# ZAOR Miza flexi - large ... any good?



## Delboy (Jan 14, 2021)

Cany anyone recommend this desk at all and whether they have drop keyboard shelf problem when placing a keyboard on it

My son wants something better in his room but on a budget so we will get glass monitor shelf stands off Amazon rather than buying a more expensive unit with studio equipment space add on which he does not need at the moment. Larger desk space is required first and foremost

if not .. where to go in the UK to maybe have one custom built on a budget
was thinking of also adding another slide shelf above the keyboard shelf to pull out for extra desk space when not using the audio keyboard

Thomann seems to have the best deal for the UK at around 555 UKP ... he has birthday coming up so can save up for the ZAOR if any guru’s can recommend this unit Is worth investing in.

Would love a studiodesk make but boy no wonder most sales are US bound ... they have the larger homes But the ones we like are well over 1500 UKP

Thanks


----------



## Paulogic (Jan 14, 2021)

Seems nice material but when I saw one, a few years ago, I was afraid of the construction method.
To be honest, it could have been the assembly at the store that was not correctly made but It
felt not very sturdy.
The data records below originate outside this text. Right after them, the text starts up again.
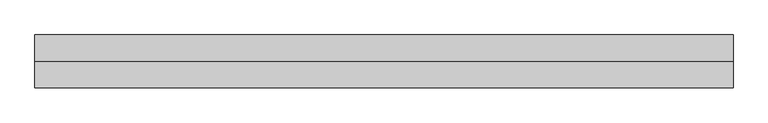
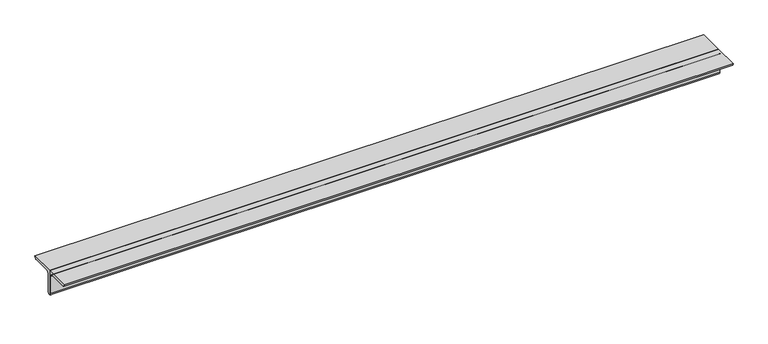
"""IFC4 building model written with IfcOpenShell, lengths in millimetres: member geometry, 0123_Steel Framing_2Ls-KSD3502 : H_SB_AR_S03_2Ls-130x130x12_HBR4."""

import ifcopenshell
import ifcopenshell.guid

model = None  # the IFC model being written
_history = None  # IfcOwnerHistory: only IFC2X3 demands one
_inside = {}  # id of a spatial element -> (the spatial element, [elements in it])
_under = {}  # id of a project, library or spatial element -> (it, [spatial elements below it])
_declared = {}  # id of a project -> (the project, [libraries it declares])
_typed = {}  # id of a type object -> (the type object, [elements of that type])
_made_of = {}  # id of a material, layer set ... -> (it, [elements and type objects made of it])


def new_model(schema):
    """Start an empty IFC model of exactly this schema.

    Asked for "IFC4X3", IfcOpenShell would pick the latest addendum, in which some entities
    have other attributes; the version numbers below select the first issue.
    IFC2X3 requires an IfcOwnerHistory on every rooted entity: one is made here for all.
    """
    global model, _history
    if schema == "IFC4X3":
        model = ifcopenshell.file(schema_version=(4, 3, 0, 0))
    else:
        model = ifcopenshell.file(schema=schema)
    _inside.clear()
    _under.clear()
    _declared.clear()
    _typed.clear()
    _made_of.clear()
    _history = None
    if model.schema == "IFC2X3":
        org = make("IfcOrganization", Name="unknown")
        user = make(
            "IfcPersonAndOrganization",
            ThePerson=make("IfcPerson", FamilyName="unknown"),
            TheOrganization=org,
        )
        app = make(
            "IfcApplication",
            ApplicationDeveloper=org,
            Version="unknown",
            ApplicationFullName="unknown",
            ApplicationIdentifier="unknown",
        )
        _history = make(
            "IfcOwnerHistory",
            OwningUser=user,
            OwningApplication=app,
            ChangeAction="ADDED",
            CreationDate=0,
        )
    return model


def make(cls, **values):
    """One entity of the class cls with the attributes given. An attribute that is None is left unset."""
    return model.create_entity(
        cls, **{name: value for name, value in values.items() if value is not None}
    )


def rooted(cls, **values):
    """An entity with a GlobalId (a new one), such as an element, a storey or a relation."""
    return make(cls, GlobalId=ifcopenshell.guid.new(), OwnerHistory=_history, **values)


def si_unit(unit_type, name, prefix=None):
    """IfcSIUnit, for example si_unit("LENGTHUNIT", "METRE", prefix="MILLI")."""
    return make("IfcSIUnit", UnitType=unit_type, Prefix=prefix, Name=name)


def assignment(units):
    """IfcUnitAssignment: the units of a project."""
    return None if units is None else make("IfcUnitAssignment", Units=units)


def point(xyz):
    """IfcCartesianPoint."""
    return None if xyz is None else make("IfcCartesianPoint", Coordinates=xyz)


def direction(xyz):
    """IfcDirection."""
    return None if xyz is None else make("IfcDirection", DirectionRatios=xyz)


def frame(location, z_axis=None, x_axis=None):
    """IfcAxis2Placement3D, a coordinate frame: its origin and axes. An axis left out is left unset."""
    return make(
        "IfcAxis2Placement3D",
        Location=point(location),
        Axis=direction(z_axis),
        RefDirection=direction(x_axis),
    )


def frame_2d(location, x_axis=None):
    """IfcAxis2Placement2D, a coordinate frame in the plane: its origin and x axis."""
    return make(
        "IfcAxis2Placement2D", Location=point(location), RefDirection=direction(x_axis)
    )


def origin():
    """The frame at (0, 0, 0) with its axes left unset."""
    return frame((0.0, 0.0, 0.0))


def place(relative_to, where):
    """IfcLocalPlacement: puts the frame where relative to a parent placement (None: the world)."""
    return make(
        "IfcLocalPlacement", PlacementRelTo=relative_to, RelativePlacement=where
    )


def context(
    kind, dimensions, precision=None, world=None, true_north=None, identifier=None
):
    """IfcGeometricRepresentationContext, for example the 3D "Model" context."""
    return make(
        "IfcGeometricRepresentationContext",
        ContextIdentifier=identifier,
        ContextType=kind,
        CoordinateSpaceDimension=dimensions,
        Precision=precision,
        WorldCoordinateSystem=world,
        TrueNorth=true_north,
    )


def project(units=None, contexts=None):
    """IfcProject with its units and contexts."""
    return rooted(
        "IfcProject",
        Name="project",
        RepresentationContexts=contexts,
        UnitsInContext=assignment(units),
    )


def spatial(cls, under=None, at=None, **own):
    """A site, building, storey or space (cls), placed at a placement, below another one or the project."""
    s = rooted(cls, ObjectPlacement=at, **own)
    if under is not None:
        _under.setdefault(under.id(), (under, []))[1].append(s)
    return s


def polyline(points):
    """IfcPolyline through the points."""
    return make("IfcPolyline", Points=[point(p) for p in points])


def circle_curve(where, radius):
    """IfcCircle in the frame where."""
    return make("IfcCircle", Position=where, Radius=radius)


def trimmed(basis, trim1, trim2, sense, master):
    """IfcTrimmedCurve: the piece of a basis curve between two trims."""
    return make(
        "IfcTrimmedCurve",
        BasisCurve=basis,
        Trim1=trim1,
        Trim2=trim2,
        SenseAgreement=sense,
        MasterRepresentation=master,
    )


def segment(curve, same_sense, transition):
    """IfcCompositeCurveSegment."""
    return make(
        "IfcCompositeCurveSegment",
        Transition=transition,
        SameSense=same_sense,
        ParentCurve=curve,
    )


def composite_curve(segments, self_intersect=None):
    """IfcCompositeCurve: segments joined end to end."""
    return make("IfcCompositeCurve", Segments=segments, SelfIntersect=self_intersect)


def outline(outer, holes=None, kind="AREA"):
    """IfcArbitraryClosedProfileDef: a profile drawn as a closed curve; with holes, ...WithVoids."""
    if holes is None:
        return make("IfcArbitraryClosedProfileDef", ProfileType=kind, OuterCurve=outer)
    return make(
        "IfcArbitraryProfileDefWithVoids",
        ProfileType=kind,
        OuterCurve=outer,
        InnerCurves=holes,
    )


def extrude(swept, where, along, depth):
    """IfcExtrudedAreaSolid: the profile swept, set in the frame where, extruded along a direction by depth."""
    return make(
        "IfcExtrudedAreaSolid",
        SweptArea=swept,
        Position=where,
        ExtrudedDirection=direction(along),
        Depth=depth,
    )


def shape(context_of_items, identifier, shape_type, items):
    """IfcShapeRepresentation: the items that make up one representation, for example the "Body"."""
    return make(
        "IfcShapeRepresentation",
        ContextOfItems=context_of_items,
        RepresentationIdentifier=identifier,
        RepresentationType=shape_type,
        Items=items,
    )


def source(mapping_origin, context_of_items, identifier, shape_type, items):
    """IfcRepresentationMap: a shape defined once, which mapped items show again and again."""
    return make(
        "IfcRepresentationMap",
        MappingOrigin=mapping_origin,
        MappedRepresentation=shape(context_of_items, identifier, shape_type, items),
    )


def transform(
    local_origin,
    x_axis=None,
    y_axis=None,
    z_axis=None,
    scale=None,
    scale2=None,
    scale3=None,
    uniform=True,
):
    """IfcCartesianTransformationOperator3D, or its non-uniform kind. x_axis, y_axis, z_axis: its Axis1, 2, 3."""
    if uniform:
        return make(
            "IfcCartesianTransformationOperator3D",
            Axis1=direction(x_axis),
            Axis2=direction(y_axis),
            LocalOrigin=point(local_origin),
            Scale=scale,
            Axis3=direction(z_axis),
        )
    return make(
        "IfcCartesianTransformationOperator3DnonUniform",
        Axis1=direction(x_axis),
        Axis2=direction(y_axis),
        LocalOrigin=point(local_origin),
        Scale=scale,
        Axis3=direction(z_axis),
        Scale2=scale2,
        Scale3=scale3,
    )


def mapped(mapping_source, mapping_target):
    """IfcMappedItem: shows the shape of a source again, moved by a transform."""
    return make(
        "IfcMappedItem", MappingSource=mapping_source, MappingTarget=mapping_target
    )


def made_of(thing, what):
    """Note that an element or type object is made of a material, layer set ...; save() writes the relation."""
    if what is not None:
        _made_of.setdefault(what.id(), (what, []))[1].append(thing)
    return thing


def element(
    cls,
    number,
    at=None,
    inside=None,
    cuts=None,
    type_object=None,
    material=None,
    context=None,
    identifier="Body",
    shape_type=None,
    held_by="IfcProductDefinitionShape",
    body=None,
    shapes=None,
    **own,
):
    """One element of the class cls, such as IfcWall. Its Tag is "e" and its number.

    at: its placement. inside: the storey or other place that contains it. cuts: it is an
    opening in that element (IfcRelVoidsElement). A single representation is given by context,
    identifier, shape_type and body (its items); several are given by shapes. held_by: the class
    of the entity that holds the representations. save() writes the other relations.
    """
    e = rooted(cls, Tag="e%d" % number, ObjectPlacement=at, **own)
    if body is not None:
        shapes = [shape(context, identifier, shape_type, body)]
    if shapes is not None:
        e.Representation = make(held_by, Representations=shapes)
    if inside is not None:
        _inside.setdefault(inside.id(), (inside, []))[1].append(e)
    if cuts is not None:
        rooted(
            "IfcRelVoidsElement", RelatingBuildingElement=cuts, RelatedOpeningElement=e
        )
    if type_object is not None:
        _typed.setdefault(type_object.id(), (type_object, []))[1].append(e)
    return made_of(e, material)


def aggregate(whole, parts):
    """IfcRelAggregates: a whole, such as a stair, and the parts it consists of."""
    return rooted("IfcRelAggregates", RelatingObject=whole, RelatedObjects=parts)


def save(model, path):
    """Write the relations noted so far, then the file.

    IfcRelAggregates (storeys below a building ...), IfcRelContainedInSpatialStructure (elements
    in a storey), IfcRelDefinesByType, IfcRelAssociatesMaterial and IfcRelDeclares: one each for
    every whole, place, type object, material and project.
    """
    for whole, parts in _under.values():
        aggregate(whole, parts)
    for where, things in _inside.values():
        rooted(
            "IfcRelContainedInSpatialStructure",
            RelatedElements=things,
            RelatingStructure=where,
        )
    for kind, things in _typed.values():
        rooted("IfcRelDefinesByType", RelatedObjects=things, RelatingType=kind)
    for what, things in _made_of.values():
        rooted("IfcRelAssociatesMaterial", RelatedObjects=things, RelatingMaterial=what)
    for by, libraries in _declared.values():
        rooted("IfcRelDeclares", RelatingContext=by, RelatedDefinitions=libraries)
    model.write(path)


def member_9e88965d(model_context):
    return source(origin(), model_context, "Body", "SweptSolid", [
        extrude(outline(composite_curve([segment(polyline([(0.0, 36.4), (130.0, 36.4)]), True, "CONTINUOUS"), segment(trimmed(circle_curve(frame_2d((118.0, 36.4)), 12.0), [point((130.0, 36.4))], [point((118.0, 24.4))], False, "CARTESIAN"), True, "CONTINUOUS"), segment(polyline([(118.0, 24.4), (24.0, 24.4)]), True, "CONTINUOUS"), segment(trimmed(circle_curve(frame_2d((24.0, 12.4)), 12.0), [point((24.0, 24.4))], [point((12.0, 12.4))], True, "CARTESIAN"), True, "CONTINUOUS"), segment(polyline([(12.0, 12.4), (12.0, -81.6)]), True, "CONTINUOUS"), segment(trimmed(circle_curve(frame_2d((0.0, -81.6)), 12.0), [point((12.0, -81.6))], [point((0.0, -93.6))], False, "CARTESIAN"), True, "CONTINUOUS"), segment(polyline([(0.0, -93.6), (0.0, 36.4)]), True, "CONTINUOUS")], self_intersect=False)), frame((-1720.2330278, 0.0, 0.0), z_axis=(1.0, 0.0, 0.0), x_axis=(0.0, 1.0, 0.0)), (0.0, 0.0, 1.0), 3440.4660555),
        extrude(outline(composite_curve([segment(polyline([(0.0, 36.4), (0.0, -93.6)]), True, "CONTINUOUS"), segment(trimmed(circle_curve(frame_2d((0.0, -81.6)), 12.0), [point((0.0, -93.6))], [point((-12.0, -81.6))], False, "CARTESIAN"), True, "CONTINUOUS"), segment(polyline([(-12.0, -81.6), (-12.0, 12.4)]), True, "CONTINUOUS"), segment(trimmed(circle_curve(frame_2d((-24.0, 12.4)), 12.0), [point((-12.0, 12.4))], [point((-24.0, 24.4))], True, "CARTESIAN"), True, "CONTINUOUS"), segment(polyline([(-24.0, 24.4), (-118.0, 24.4)]), True, "CONTINUOUS"), segment(trimmed(circle_curve(frame_2d((-118.0, 36.4)), 12.0), [point((-118.0, 24.4))], [point((-130.0, 36.4))], False, "CARTESIAN"), True, "CONTINUOUS"), segment(polyline([(-130.0, 36.4), (0.0, 36.4)]), True, "CONTINUOUS")], self_intersect=False)), frame((-1720.2330278, 0.0, 0.0), z_axis=(1.0, 0.0, 0.0), x_axis=(0.0, 1.0, 0.0)), (0.0, 0.0, 1.0), 3440.4660555),
    ])


if __name__ == "__main__":
    model = new_model("IFC4")
    model_context = context("Model", 3, world=origin())
    ifc_project = project(units=[si_unit("LENGTHUNIT", "METRE", prefix="MILLI")], contexts=[model_context])
    site = spatial("IfcSite", under=ifc_project)
    building = spatial("IfcBuilding", under=site)
    placement = place(None, origin())
    member_shape = member_9e88965d(model_context)
    element("IfcMember", 1, ObjectType="0123_Steel Framing_2Ls-KSD3502 : H_SB_AR_S03_2Ls-130x130x12_HBR4", at=placement, inside=building, context=model_context, shape_type="MappedRepresentation", body=[
        mapped(member_shape, transform((0.0, 0.0, 0.0), x_axis=(1.0, 0.0, 0.0), y_axis=(0.0, 1.0, 0.0), z_axis=(0.0, 0.0, 1.0))),
    ])
    save(model, "model.ifc")

# Revit data of these elements
# Type "0123_Steel Framing_2Ls-KSD3502 : H_SB_AR_S03_2Ls-130x130x12_HBR4"
#   Assembly Code = "B10"
#   Legs = "SLBB"
#   W = 8.97
#   Perimeter = 1.04 m²/m
#   Nominal Weight = 46.80 kgf/m
#   Length [instance default] = 1000 mm
#   Space = 0 mm
#   b = 130 mm
#   d = 130 mm
#   t = 12 mm
#   y = 36.4 mm
#   A = 0.005952 m²
#   Structural Material [instance default] = Steel ASTM A36
# Element 1 (IfcMember, "0123_Steel Framing_2Ls-KSD3502 : H_SB_AR_S03_2Ls-130x130x12_HBR4")
#   Structural Material = Steel, 45-345
#   Materials on its faces: "Steel, 45-345"
# Materials
#   "Steel ASTM A36": class "Metal", colour RGB 199 199 199, transparency 0, Description = "Structural steel, ASTM A36 Grade B, mill finish", Cost = 0
#   "Steel, 45-345": class "Metal", colour RGB 189 187 185, transparency 0, Description = "Steel 345 MPa", Cost = 0

So If you find a distribution point in your neighborhood, go check it out.
(or a fellow musician who has one...)
So I went for the Platform desk from Output. Not that pricey for the basic color version and the keyboard tray (optional) is solid. The tray is not big enough for larger 88 keyboards but a M-Audio 
Hammer 88 for example, fits fine.


----------



## Delboy (Jan 14, 2021)

Thks Paul ... I see Output are US and their EU counterpart import from them and are actually much dearer than ZAOR but i like the fact they make their product out of wood .. the only downside is the max width is 1524 whereas the ZAOR is around 1836 (330 more) .. have emailed them to ask who in the UK stocks it to go see .. cheers


----------



## R. Soul (Jan 14, 2021)

Delboy said:


> Cany anyone recommend this desk at all and whether they have drop keyboard shelf problem when placing a keyboard on it
> 
> My son wants something better in his room but on a budget so we will get glass monitor shelf stands off Amazon rather than buying a more expensive unit with studio equipment space add on which he does not need at the moment. Larger desk space is required first and foremost
> 
> ...


Keep in mind, that if you order from Thomann, you can expect to pay VAT on top.


----------



## Delboy (Jan 14, 2021)

Yes thanks ... am looking at their prices incl vat
May price up furniture board and MDF and see if cheaper actually trying to build one


----------



## Paulogic (Jan 15, 2021)

If you want to build one yourself, there is a website where I found some plan's to build.
There where a few lookalikes to the Zaors and other bigger desks. I'll search later today
if I can find it again.


----------



## FabMrT (Jan 15, 2021)

Hi,
I own the Zaor Miza M flex -desk, and I am quite happy with it. This is my first desk that is especially designed for studio use, so I don't have much experience of other similiar designs. I have previously used your typical computer desks etc. I would say this is improvement over those. I have been using it for about 5 years now. My only small complaints are regarding the folding in keyboard compartment. It's perhaps not as sturdy as I wish it to be, but that might be because instead of delicate pianist hands, I got two hammers slamming the keyboard. Also I had to saw off material from the backside of the compartment to get all my cables running. But apart from those, it has been worth of it's price for me.


----------



## Delboy (Jan 15, 2021)

Thks Paul
Hi Fab .. on research maybe invest in shelf strengtheners (usually made of Alu) and place that along both edges .. or just the front if you cannot access the back due Cable run back piece.

I costed a built myself but I would need to invest in a circular saw runner and possible a router to make it look better so with that extra cost it's not far off buying the Miza desk on the internet anyhow and it would look better than my DIY skills. I quite like the look of the matching 2U or 4U clip on units for Monitors or edge speakers.


----------



## Gros ju (Jan 17, 2021)

Delboy said:


> Thks Paul
> Hi Fab .. on research maybe invest in shelf strengtheners (usually made of Alu) and place that along both edges .. or just the front if you cannot access the back due Cable run back piece.
> 
> I costed a built myself but I would need to invest in a circular saw runner and possible a router to make it look better so with that extra cost it's not far off buying the Miza desk on the internet anyhow and it would look better than my DIY skills. I quite like the look of the matching 2U or 4U clip on units for Monitors or edge speakers.


so you had some bending issues? my keyboard is pretty heavy (roland rd 800, 22 kg) so i don't know if this desk is the right choice


----------



## Delboy (Jan 17, 2021)

Not a problem for us as my son will be using a Komplete Kontrol .. about 20lbs


----------